12. The method of claim 11, wherein the downhole tool is a packer.
13. The method of claim 11, wherein the component soluble in the selected fluid is oil soluble and the selected fluid is a wellbore fluid containing hydrocarbons.
14. The method of claim 13, wherein the component soluble in the selected fluid is one or more selected from the group consisting of polystyrene, poly alpha methyl styrene, low molecular weight polyolefins, copolymers of styrene and acrylonitrile, poly methyl methacrylate, and polycarbonate.
15. The method of claim 11, wherein the component soluble in the selected fluid is water-soluble and the selected fluid is an aqueous fluid.
16. The method of claim 15, wherein the water-soluble component is made of polyvinyl alcohol, an organic salt, an inorganic salt, or a combination thereof.
17. The method of claim 11, wherein the swellable polymer swells upon exposure to the selected fluid.
18. The method of claim 11, wherein the downhole tool further comprises a debonding layer between the swellable core and the coating.
20. The method of claim 19, wherein the swellable polymer swells upon exposure to the selected fluid.
21. The method of claim 19, wherein the coating is not firmly bonded on the swellable core.

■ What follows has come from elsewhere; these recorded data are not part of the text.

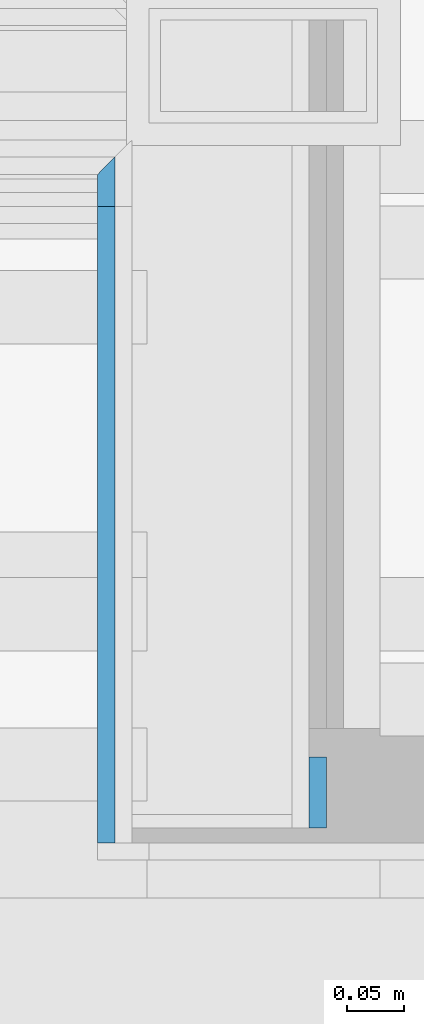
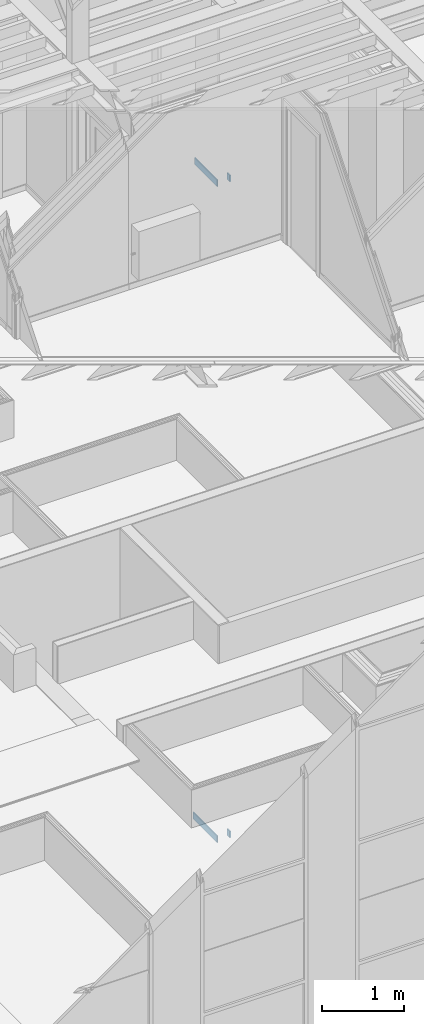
# One storey, part 67 of 183: 4 building element parts, 2 elements without a shape of their own.
"""IFC2X3 building model written with IfcOpenShell, lengths in metres."""

from ifc_helpers import new_model, entity, si_unit, converted_unit, derived_unit, money_unit, direction, frame, frame_2d, origin_with_axes, place, context, subcontext, project, spatial, polyline, rectangle, outline, extrude, material, type_object, element, aggregate, save


model = new_model("IFC2X3")

# Units and contexts
model_context = context("Model", 3, precision=1e-05, world=origin_with_axes(), true_north=direction((0.0, 1.0)))
body_context = subcontext(model_context, "Body", "Model", "MODEL_VIEW", scale=1.0)
ifc_project = project(units=[si_unit("LENGTHUNIT", "METRE"), si_unit("AREAUNIT", "SQUARE_METRE"), si_unit("VOLUMEUNIT", "CUBIC_METRE"), si_unit("ABSORBEDDOSEUNIT", "GRAY"), si_unit("AMOUNTOFSUBSTANCEUNIT", "MOLE"), si_unit("DOSEEQUIVALENTUNIT", "SIEVERT"), si_unit("ELECTRICCAPACITANCEUNIT", "FARAD"), si_unit("ELECTRICCHARGEUNIT", "COULOMB"), si_unit("ELECTRICCONDUCTANCEUNIT", "SIEMENS"), si_unit("ELECTRICCURRENTUNIT", "AMPERE"), si_unit("ELECTRICRESISTANCEUNIT", "OHM"), si_unit("ELECTRICVOLTAGEUNIT", "VOLT"), si_unit("ENERGYUNIT", "JOULE"), si_unit("FORCEUNIT", "NEWTON"), si_unit("FREQUENCYUNIT", "HERTZ"), si_unit("ILLUMINANCEUNIT", "LUX"), si_unit("INDUCTANCEUNIT", "HENRY"), si_unit("LUMINOUSFLUXUNIT", "LUMEN"), si_unit("LUMINOUSINTENSITYUNIT", "CANDELA"), si_unit("MAGNETICFLUXDENSITYUNIT", "TESLA"), si_unit("MAGNETICFLUXUNIT", "WEBER"), si_unit("MASSUNIT", "GRAM"), converted_unit("PLANEANGLEUNIT", "degree", entity("IfcReal", 0.0174532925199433), si_unit("PLANEANGLEUNIT", "RADIAN"), dimensions=[0, 0, 0, 0, 0, 0, 0]), si_unit("POWERUNIT", "WATT"), si_unit("PRESSUREUNIT", "PASCAL"), si_unit("RADIOACTIVITYUNIT", "BECQUEREL"), si_unit("SOLIDANGLEUNIT", "STERADIAN"), si_unit("THERMODYNAMICTEMPERATUREUNIT", "KELVIN"), si_unit("TIMEUNIT", "SECOND"), derived_unit("ACCELERATIONUNIT", [(si_unit("LENGTHUNIT", "METRE"), 1), (si_unit("TIMEUNIT", "SECOND"), -2)]), derived_unit("ANGULARVELOCITYUNIT", [(converted_unit("PLANEANGLEUNIT", "degree", entity("IfcReal", 0.0174532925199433), si_unit("PLANEANGLEUNIT", "RADIAN"), dimensions=[0, 0, 0, 0, 0, 0, 0]), 1), (si_unit("TIMEUNIT", "SECOND"), -1)]), derived_unit("CURVATUREUNIT", [(converted_unit("PLANEANGLEUNIT", "degree", entity("IfcReal", 0.0174532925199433), si_unit("PLANEANGLEUNIT", "RADIAN"), dimensions=[0, 0, 0, 0, 0, 0, 0]), 1), (si_unit("LENGTHUNIT", "METRE"), -1)]), derived_unit("DYNAMICVISCOSITYUNIT", [(si_unit("PRESSUREUNIT", "PASCAL"), 1), (si_unit("TIMEUNIT", "SECOND"), 1)]), derived_unit("HEATFLUXDENSITYUNIT", [(si_unit("POWERUNIT", "WATT"), 1), (si_unit("LENGTHUNIT", "METRE"), -2)]), derived_unit("HEATINGVALUEUNIT", [(si_unit("ENERGYUNIT", "JOULE"), 1), (si_unit("MASSUNIT", "GRAM"), -1)]), derived_unit("INTEGERCOUNTRATEUNIT", [(si_unit("TIMEUNIT", "SECOND"), -1)]), derived_unit("IONCONCENTRATIONUNIT", [(si_unit("MASSUNIT", "GRAM"), 1), (si_unit("VOLUMEUNIT", "CUBIC_METRE"), -1)]), derived_unit("ISOTHERMALMOISTURECAPACITYUNIT", [(si_unit("VOLUMEUNIT", "CUBIC_METRE"), 1), (si_unit("MASSUNIT", "GRAM"), -1)]), derived_unit("KINEMATICVISCOSITYUNIT", [(si_unit("AREAUNIT", "SQUARE_METRE"), 1), (si_unit("TIMEUNIT", "SECOND"), -1)]), derived_unit("LINEARFORCEUNIT", [(si_unit("FORCEUNIT", "NEWTON"), 1), (si_unit("LENGTHUNIT", "METRE"), -1)]), derived_unit("LINEARMOMENTUNIT", [(si_unit("FORCEUNIT", "NEWTON"), 1), (si_unit("LENGTHUNIT", "METRE"), -1)]), derived_unit("LINEARSTIFFNESSUNIT", [(si_unit("FORCEUNIT", "NEWTON"), 1), (si_unit("LENGTHUNIT", "METRE"), -1)]), derived_unit("LINEARVELOCITYUNIT", [(si_unit("LENGTHUNIT", "METRE"), 1), (si_unit("TIMEUNIT", "SECOND"), -1)]), derived_unit("LUMINOUSINTENSITYDISTRIBUTIONUNIT", [(si_unit("LUMINOUSINTENSITYUNIT", "CANDELA"), 1), (si_unit("LUMINOUSFLUXUNIT", "LUMEN"), -1)]), derived_unit("MASSDENSITYUNIT", [(si_unit("MASSUNIT", "GRAM"), 1), (si_unit("VOLUMEUNIT", "CUBIC_METRE"), -1)]), derived_unit("MASSFLOWRATEUNIT", [(si_unit("MASSUNIT", "GRAM"), 1), (si_unit("TIMEUNIT", "SECOND"), -1)]), derived_unit("MASSPERLENGTHUNIT", [(si_unit("MASSUNIT", "GRAM"), 1), (si_unit("LENGTHUNIT", "METRE"), -1)]), derived_unit("MODULUSOFELASTICITYUNIT", [(si_unit("FORCEUNIT", "NEWTON"), 1), (si_unit("AREAUNIT", "SQUARE_METRE"), -1)]), derived_unit("MODULUSOFLINEARSUBGRADEREACTIONUNIT", [(si_unit("FORCEUNIT", "NEWTON"), 1), (si_unit("LENGTHUNIT", "METRE"), -2)]), derived_unit("MODULUSOFROTATIONALSUBGRADEREACTIONUNIT", [(si_unit("FORCEUNIT", "NEWTON"), 1), (si_unit("LENGTHUNIT", "METRE"), 1)]), derived_unit("MODULUSOFSUBGRADEREACTIONUNIT", [(si_unit("FORCEUNIT", "NEWTON"), 1), (si_unit("VOLUMEUNIT", "CUBIC_METRE"), -1)]), derived_unit("MOISTUREDIFFUSIVITYUNIT", [(si_unit("VOLUMEUNIT", "CUBIC_METRE"), 1), (si_unit("TIMEUNIT", "SECOND"), -1)]), derived_unit("MOLECULARWEIGHTUNIT", [(si_unit("MASSUNIT", "GRAM"), 1), (si_unit("AMOUNTOFSUBSTANCEUNIT", "MOLE"), -1)]), derived_unit("PLANARFORCEUNIT", [(si_unit("FORCEUNIT", "NEWTON"), 1), (si_unit("LENGTHUNIT", "METRE"), -2)]), derived_unit("ROTATIONALFREQUENCYUNIT", [(si_unit("TIMEUNIT", "SECOND"), -1)]), derived_unit("ROTATIONALMASSUNIT", [(si_unit("MASSUNIT", "GRAM"), 1), (si_unit("LENGTHUNIT", "METRE"), 2)]), derived_unit("ROTATIONALSTIFFNESSUNIT", [(si_unit("FORCEUNIT", "NEWTON"), 1), (si_unit("LENGTHUNIT", "METRE"), 1), (converted_unit("PLANEANGLEUNIT", "degree", entity("IfcReal", 0.0174532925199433), si_unit("PLANEANGLEUNIT", "RADIAN"), dimensions=[0, 0, 0, 0, 0, 0, 0]), -1)]), derived_unit("SECTIONAREAINTEGRALUNIT", [(si_unit("LENGTHUNIT", "METRE"), 5)]), derived_unit("SECTIONMODULUSUNIT", [(si_unit("LENGTHUNIT", "METRE"), 3)]), derived_unit("SHEARMODULUSUNIT", [(si_unit("FORCEUNIT", "NEWTON"), 1), (si_unit("AREAUNIT", "SQUARE_METRE"), -1)]), derived_unit("SOUNDPOWERUNIT", [(si_unit("ENERGYUNIT", "JOULE"), 1), (si_unit("TIMEUNIT", "SECOND"), -1)]), derived_unit("SPECIFICHEATCAPACITYUNIT", [(si_unit("FORCEUNIT", "NEWTON"), 1), (si_unit("MASSUNIT", "GRAM"), -1), (si_unit("THERMODYNAMICTEMPERATUREUNIT", "KELVIN"), -1)]), derived_unit("TEMPERATUREGRADIENTUNIT", [(si_unit("THERMODYNAMICTEMPERATUREUNIT", "KELVIN"), 1), (si_unit("LENGTHUNIT", "METRE"), -1)]), derived_unit("THERMALADMITTANCEUNIT", [(si_unit("POWERUNIT", "WATT"), 1), (si_unit("AREAUNIT", "SQUARE_METRE"), -1), (si_unit("THERMODYNAMICTEMPERATUREUNIT", "KELVIN"), -1)]), derived_unit("THERMALCONDUCTANCEUNIT", [(si_unit("POWERUNIT", "WATT"), 1), (si_unit("LENGTHUNIT", "METRE"), -1), (si_unit("THERMODYNAMICTEMPERATUREUNIT", "KELVIN"), -1)]), derived_unit("THERMALEXPANSIONCOEFFICIENTUNIT", [(si_unit("THERMODYNAMICTEMPERATUREUNIT", "KELVIN"), -1)]), derived_unit("THERMALRESISTANCEUNIT", [(si_unit("AREAUNIT", "SQUARE_METRE"), 1), (si_unit("POWERUNIT", "WATT"), -1)]), derived_unit("THERMALTRANSMITTANCEUNIT", [(si_unit("POWERUNIT", "WATT"), 1), (si_unit("AREAUNIT", "SQUARE_METRE"), -1), (si_unit("THERMODYNAMICTEMPERATUREUNIT", "KELVIN"), -1)]), derived_unit("TORQUEUNIT", [(si_unit("FORCEUNIT", "NEWTON"), 1), (si_unit("LENGTHUNIT", "METRE"), 1)]), derived_unit("VAPORPERMEABILITYUNIT", [(si_unit("MASSUNIT", "GRAM"), 1), (si_unit("TIMEUNIT", "SECOND"), -1)]), derived_unit("VOLUMETRICFLOWRATEUNIT", [(si_unit("VOLUMEUNIT", "CUBIC_METRE"), 1), (si_unit("TIMEUNIT", "SECOND"), -1)]), derived_unit("WARPINGCONSTANTUNIT", [(si_unit("LENGTHUNIT", "METRE"), 6)]), derived_unit("WARPINGMOMENTUNIT", [(si_unit("FORCEUNIT", "NEWTON"), 1), (si_unit("LENGTHUNIT", "METRE"), 2)]), money_unit("GBP")], contexts=[model_context])

# Site, building, storey
site_placement = place(None, origin_with_axes())
site = spatial("IfcSite", under=ifc_project, at=site_placement, Name="Site", CompositionType="ELEMENT")
building_placement = place(site_placement, origin_with_axes())
building = spatial("IfcBuilding", under=site, at=building_placement, Name="Building01", CompositionType="ELEMENT")
storey_placement = place(building_placement, frame((0.0, 0.0, 5.15), z_axis=(0.0, 0.0, 1.0), x_axis=(1.0, 0.0, 0.0)))
storey = spatial("IfcBuildingStorey", under=building, at=storey_placement, Name="1F", CompositionType="ELEMENT", Elevation=5.15)

# Wall, building element parts
wall_type = type_object("IfcWallType", Name="SHE_A-Walls_Type03a_BlockworkWall_170mm", PredefinedType="NOTDEFINED")
wall_1_placement = place(storey_placement, frame((11.145, 6.275, 0.0), z_axis=(0.0, 0.0, 1.0), x_axis=(0.0, 1.0, 0.0)))
wall_1 = element("IfcWall", 1, at=wall_1_placement, inside=storey, type_object=wall_type, Name="4B", ObjectType="SHE_A-Walls_Type03a_BlockworkWall_170mm")
ifc_material = material(Name="A_BSUK_Walls_Timber")
placement_1 = place(wall_1_placement, origin_with_axes())
building_element_part_1 = element("IfcBuildingElementPart", 2, at=placement_1, material=ifc_material, Name="1", context=body_context, shape_type="SweptSolid", body=[
    extrude(rectangle(XDim=0.062, YDim=0.015, at=frame_2d((0.019, -0.1625), x_axis=(-1.0, 0.0))), frame((0.0, 0.0, 0.015), z_axis=(0.0, 0.0, 1.0), x_axis=(1.0, 0.0, 0.0)), (0.0, 0.0, 1.0), 0.1),
])
building_element_part_2 = element("IfcBuildingElementPart", 3, at=placement_1, material=ifc_material, Name="6", context=body_context, shape_type="SweptSolid", body=[
    extrude(outline(polyline([(0.56, 0.03), (-0.025, 0.03), (-0.025, 0.015), (0.575, 0.015), (0.56, 0.03)])), frame((0.0, 0.0, 0.015), z_axis=(0.0, 0.0, 1.0), x_axis=(1.0, 0.0, 0.0)), (0.0, 0.0, 1.0), 0.1),
])
aggregate(wall_1, [building_element_part_1, building_element_part_2])

wall_2_placement = place(storey_placement, frame((11.145, 6.263, 9.78), z_axis=(0.0, 0.0, 1.0), x_axis=(0.0, 1.0, 0.0)))
wall_2 = element("IfcWall", 4, at=wall_2_placement, inside=storey, type_object=wall_type, Name="4B", ObjectType="SHE_A-Walls_Type03a_BlockworkWall_170mm")
placement_2 = place(wall_2_placement, origin_with_axes())
building_element_part_3 = element("IfcBuildingElementPart", 5, at=placement_2, material=ifc_material, Name="1", context=body_context, shape_type="SweptSolid", body=[
    extrude(rectangle(XDim=0.062, YDim=0.015, at=frame_2d((0.031, -0.1625), x_axis=(-1.0, 0.0))), frame((0.0, 0.0, 0.015), z_axis=(0.0, 0.0, 1.0), x_axis=(1.0, 0.0, 0.0)), (0.0, 0.0, 1.0), 0.1),
])
building_element_part_4 = element("IfcBuildingElementPart", 6, at=placement_2, material=ifc_material, Name="6", context=body_context, shape_type="SweptSolid", body=[
    extrude(rectangle(XDim=0.557, YDim=0.015, at=frame_2d((0.2655, 0.0225), x_axis=(-1.0, 0.0))), frame((0.0, 0.0, 0.015), z_axis=(0.0, 0.0, 1.0), x_axis=(1.0, 0.0, 0.0)), (0.0, 0.0, 1.0), 0.1),
])
aggregate(wall_2, [building_element_part_3, building_element_part_4])

save(model, "model.ifc")

The present application claims priority, under 35 U.S.C. §119(e), of U.S. Provisional Application Ser. No. 60/917,501, filed on May 11, 2007, which is incorporated by reference in its entirety.

1. Field of Invention

The present invention relates generally to the fields of oilfield exploration, production, and testing, and more specifically to methods and apparatus for controlling the rates of swelling of elastomeric materials that may be used as packers, seals or the like.

2. Background

Swellable polymers for use in packers have received considerable attention. U.S. Pat. No. 2,849,070, issued to George Maly in 1958, was the first patent to disclose swell packers. EP1672166A1 discloses packers having a swellable core surrounded by a coating. This patent explains that the rubber of the core can have other materials dissolved therein or may be a mixture containing fibers or cellulose. Another option disclosed in this EP patent is rubber in mechanical mixture with other polymer that expands upon contacted with oils. The coating has a higher resistance to the fluid and lower rates of diffusion for the fluid than the core. Thus, the coating disclosed in EP1672166A1 retards the rates of swelling and therefore can provide a delay in the swelling of the core, preventing the core from premature swelling. However, this same property of the coating also leads to longer times for the cores to expand and for the packers to set and seal.

To overcome some of the problems with the longer times needed to expand the packers, EP1672166A1 discloses an impermeable coating with small portions of the cores exposed. While this approach alleviates some of the problems associated with completely impermeable coatings, leaving a small region of core exposed still does not allow the unexposed regions to swell at a high rate.

U.S. application Ser. No. 11/769,207 discloses temporary containments for swellable packer elements. This application discloses methods for creating temporary containments by using sleeves made of materials that are soluble in specific activation fluids. The dissolvable protective sleeves can prevent the premature and undesired swelling of the packers. When it is desired to expand the packer, the temporary containments are dissolved (e.g., by introducing an activation fluid) to allow the swellable polymers in the cores to contact the fluids to allow the packers to expand.

In a similar approach, U.S. Patent Application Publication No. 20060185849 discloses a device which consists of a swellable elastomer core with a protective layer for fluid control. The protective layers may be removed by mechanisms, such as temperature, chemicals, radiation (magnetic transmission, electromagnetic transmission, or heat) or mechanical techniques.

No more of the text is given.